§ EXERCISE GOAL
The response should be the records below, repeated exactly, with each picture left out.

--- INPUT ---

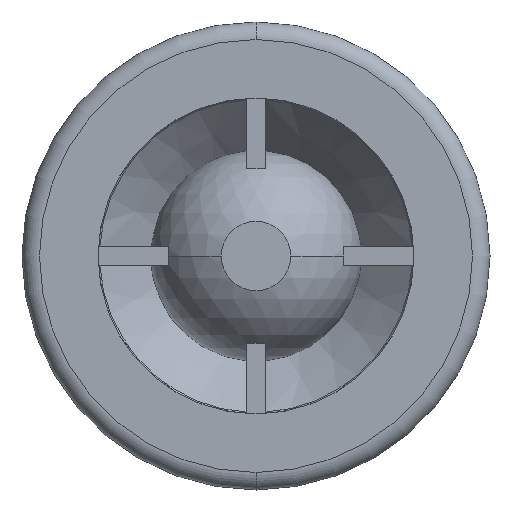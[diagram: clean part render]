
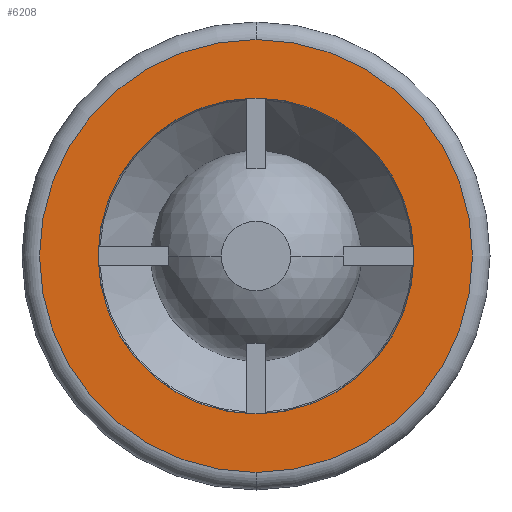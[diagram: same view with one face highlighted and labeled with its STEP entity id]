
A CAD part, front view. The second image highlights one B-rep face of the part: STEP entity #6208.
In plain terms, the highlighted planar face has unit normal (0, -1, 0).
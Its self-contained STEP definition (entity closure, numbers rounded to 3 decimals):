
#341 = EDGE_CURVE ( 'NONE', #342, #343, #2434, .T. ) ;
#342 = VERTEX_POINT ( 'NONE', #2429 ) ;
#343 = VERTEX_POINT ( 'NONE', #2428 ) ;
#447 = EDGE_CURVE ( 'NONE', #536, #448, #2607, .T. ) ;
#448 = VERTEX_POINT ( 'NONE', #2597 ) ;
#536 = VERTEX_POINT ( 'NONE', #2808 ) ;
#569 = EDGE_CURVE ( 'NONE', #448, #536, #2849, .T. ) ;
#2428 = CARTESIAN_POINT ( 'NONE',  ( 0., 0., 18.5 ) ) ;
#2429 = CARTESIAN_POINT ( 'NONE',  ( 0., 0., -18.5 ) ) ;
#2430 = DIRECTION ( 'NONE',  ( 0., 0., 1. ) ) ;
#2431 = DIRECTION ( 'NONE',  ( 0., -1., 0. ) ) ;
#2432 = CARTESIAN_POINT ( 'NONE',  ( 0., 0., 0. ) ) ;
#2433 = AXIS2_PLACEMENT_3D ( 'NONE', #2432, #2431, #2430 ) ;
#2434 = CIRCLE ( 'NONE', #2433, 18.5 ) ;
#2597 = CARTESIAN_POINT ( 'NONE',  ( 0., 0., -13.5 ) ) ;
#2598 = DIRECTION ( 'NONE',  ( 0., 0., -1. ) ) ;
#2599 = DIRECTION ( 'NONE',  ( 0., -1., 0. ) ) ;
#2600 = CARTESIAN_POINT ( 'NONE',  ( 0., 0., 0. ) ) ;
#2601 = AXIS2_PLACEMENT_3D ( 'NONE', #2600, #2599, #2598 ) ;
#2607 = CIRCLE ( 'NONE', #2601, 13.5 ) ;
#2808 = CARTESIAN_POINT ( 'NONE',  ( 0., 0., 13.5 ) ) ;
#2845 = DIRECTION ( 'NONE',  ( 0., 0., -1. ) ) ;
#2846 = DIRECTION ( 'NONE',  ( 0., -1., 0. ) ) ;
#2847 = CARTESIAN_POINT ( 'NONE',  ( 0., 0., 0. ) ) ;
#2848 = AXIS2_PLACEMENT_3D ( 'NONE', #2847, #2846, #2845 ) ;
#2849 = CIRCLE ( 'NONE', #2848, 13.5 ) ;
#4507 = DIRECTION ( 'NONE',  ( 0., 1., 0. ) ) ;
#4509 = DIRECTION ( 'NONE',  ( 0., 0., 1. ) ) ;
#4965 = CARTESIAN_POINT ( 'NONE',  ( -13.5, 0., 0. ) ) ;
#4966 = AXIS2_PLACEMENT_3D ( 'NONE', #4965, #4507, #4509 ) ;
#4967 = PLANE ( 'NONE',  #4966 ) ;
#5450 = FACE_BOUND ( 'NONE', #6231, .T. ) ;
#5451 = FACE_OUTER_BOUND ( 'NONE', #6207, .T. ) ;
#5530 = DIRECTION ( 'NONE',  ( 0., 0., 1. ) ) ;
#5531 = DIRECTION ( 'NONE',  ( 0., -1., 0. ) ) ;
#5532 = AXIS2_PLACEMENT_3D ( 'NONE', #5537, #5531, #5530 ) ;
#5533 = CIRCLE ( 'NONE', #5532, 18.5 ) ;
#5537 = CARTESIAN_POINT ( 'NONE',  ( 0., 0., 0. ) ) ;
#6207 = EDGE_LOOP ( 'NONE', ( #6238, #6239 ) ) ;
#6208 = ADVANCED_FACE ( 'NONE', ( #5451, #5450 ), #4967, .F. ) ;
#6231 = EDGE_LOOP ( 'NONE', ( #6232, #6233 ) ) ;
#6232 = ORIENTED_EDGE ( 'NONE', *, *, #569, .F. ) ;
#6233 = ORIENTED_EDGE ( 'NONE', *, *, #447, .F. ) ;
#6236 = EDGE_CURVE ( 'NONE', #343, #342, #5533, .T. ) ;
#6238 = ORIENTED_EDGE ( 'NONE', *, *, #6236, .T. ) ;
#6239 = ORIENTED_EDGE ( 'NONE', *, *, #341, .T. ) ;

---

§ EXERCISE OUTPUT
[diagram: clean part render]
[diagram: same view with one face highlighted and labeled with its STEP entity id]
A CAD part, front view. The second image highlights one B-rep face of the part: STEP entity #6208.
In plain terms, the highlighted planar face has unit normal (0, -1, 0).
Its self-contained STEP definition (entity closure, numbers rounded to 3 decimals):
#341 = EDGE_CURVE ( 'NONE', #342, #343, #2434, .T. ) ;
#342 = VERTEX_POINT ( 'NONE', #2429 ) ;
#343 = VERTEX_POINT ( 'NONE', #2428 ) ;
#447 = EDGE_CURVE ( 'NONE', #536, #448, #2607, .T. ) ;
#448 = VERTEX_POINT ( 'NONE', #2597 ) ;
#536 = VERTEX_POINT ( 'NONE', #2808 ) ;
#569 = EDGE_CURVE ( 'NONE', #448, #536, #2849, .T. ) ;
#2428 = CARTESIAN_POINT ( 'NONE',  ( 0., 0., 18.5 ) ) ;
#2429 = CARTESIAN_POINT ( 'NONE',  ( 0., 0., -18.5 ) ) ;
#2430 = DIRECTION ( 'NONE',  ( 0., 0., 1. ) ) ;
#2431 = DIRECTION ( 'NONE',  ( 0., -1., 0. ) ) ;
#2432 = CARTESIAN_POINT ( 'NONE',  ( 0., 0., 0. ) ) ;
#2433 = AXIS2_PLACEMENT_3D ( 'NONE', #2432, #2431, #2430 ) ;
#2434 = CIRCLE ( 'NONE', #2433, 18.5 ) ;
#2597 = CARTESIAN_POINT ( 'NONE',  ( 0., 0., -13.5 ) ) ;
#2598 = DIRECTION ( 'NONE',  ( 0., 0., -1. ) ) ;
#2599 = DIRECTION ( 'NONE',  ( 0., -1., 0. ) ) ;
#2600 = CARTESIAN_POINT ( 'NONE',  ( 0., 0., 0. ) ) ;
#2601 = AXIS2_PLACEMENT_3D ( 'NONE', #2600, #2599, #2598 ) ;
#2607 = CIRCLE ( 'NONE', #2601, 13.5 ) ;
#2808 = CARTESIAN_POINT ( 'NONE',  ( 0., 0., 13.5 ) ) ;
#2845 = DIRECTION ( 'NONE',  ( 0., 0., -1. ) ) ;
#2846 = DIRECTION ( 'NONE',  ( 0., -1., 0. ) ) ;
#2847 = CARTESIAN_POINT ( 'NONE',  ( 0., 0., 0. ) ) ;
#2848 = AXIS2_PLACEMENT_3D ( 'NONE', #2847, #2846, #2845 ) ;
#2849 = CIRCLE ( 'NONE', #2848, 13.5 ) ;
#4507 = DIRECTION ( 'NONE',  ( 0., 1., 0. ) ) ;
#4509 = DIRECTION ( 'NONE',  ( 0., 0., 1. ) ) ;
#4965 = CARTESIAN_POINT ( 'NONE',  ( -13.5, 0., 0. ) ) ;
#4966 = AXIS2_PLACEMENT_3D ( 'NONE', #4965, #4507, #4509 ) ;
#4967 = PLANE ( 'NONE',  #4966 ) ;
#5450 = FACE_BOUND ( 'NONE', #6231, .T. ) ;
#5451 = FACE_OUTER_BOUND ( 'NONE', #6207, .T. ) ;
#5530 = DIRECTION ( 'NONE',  ( 0., 0., 1. ) ) ;
#5531 = DIRECTION ( 'NONE',  ( 0., -1., 0. ) ) ;
#5532 = AXIS2_PLACEMENT_3D ( 'NONE', #5537, #5531, #5530 ) ;
#5533 = CIRCLE ( 'NONE', #5532, 18.5 ) ;
#5537 = CARTESIAN_POINT ( 'NONE',  ( 0., 0., 0. ) ) ;
#6207 = EDGE_LOOP ( 'NONE', ( #6238, #6239 ) ) ;
#6208 = ADVANCED_FACE ( 'NONE', ( #5451, #5450 ), #4967, .F. ) ;
#6231 = EDGE_LOOP ( 'NONE', ( #6232, #6233 ) ) ;
#6232 = ORIENTED_EDGE ( 'NONE', *, *, #569, .F. ) ;
#6233 = ORIENTED_EDGE ( 'NONE', *, *, #447, .F. ) ;
#6236 = EDGE_CURVE ( 'NONE', #343, #342, #5533, .T. ) ;
#6238 = ORIENTED_EDGE ( 'NONE', *, *, #6236, .T. ) ;
#6239 = ORIENTED_EDGE ( 'NONE', *, *, #341, .T. ) ;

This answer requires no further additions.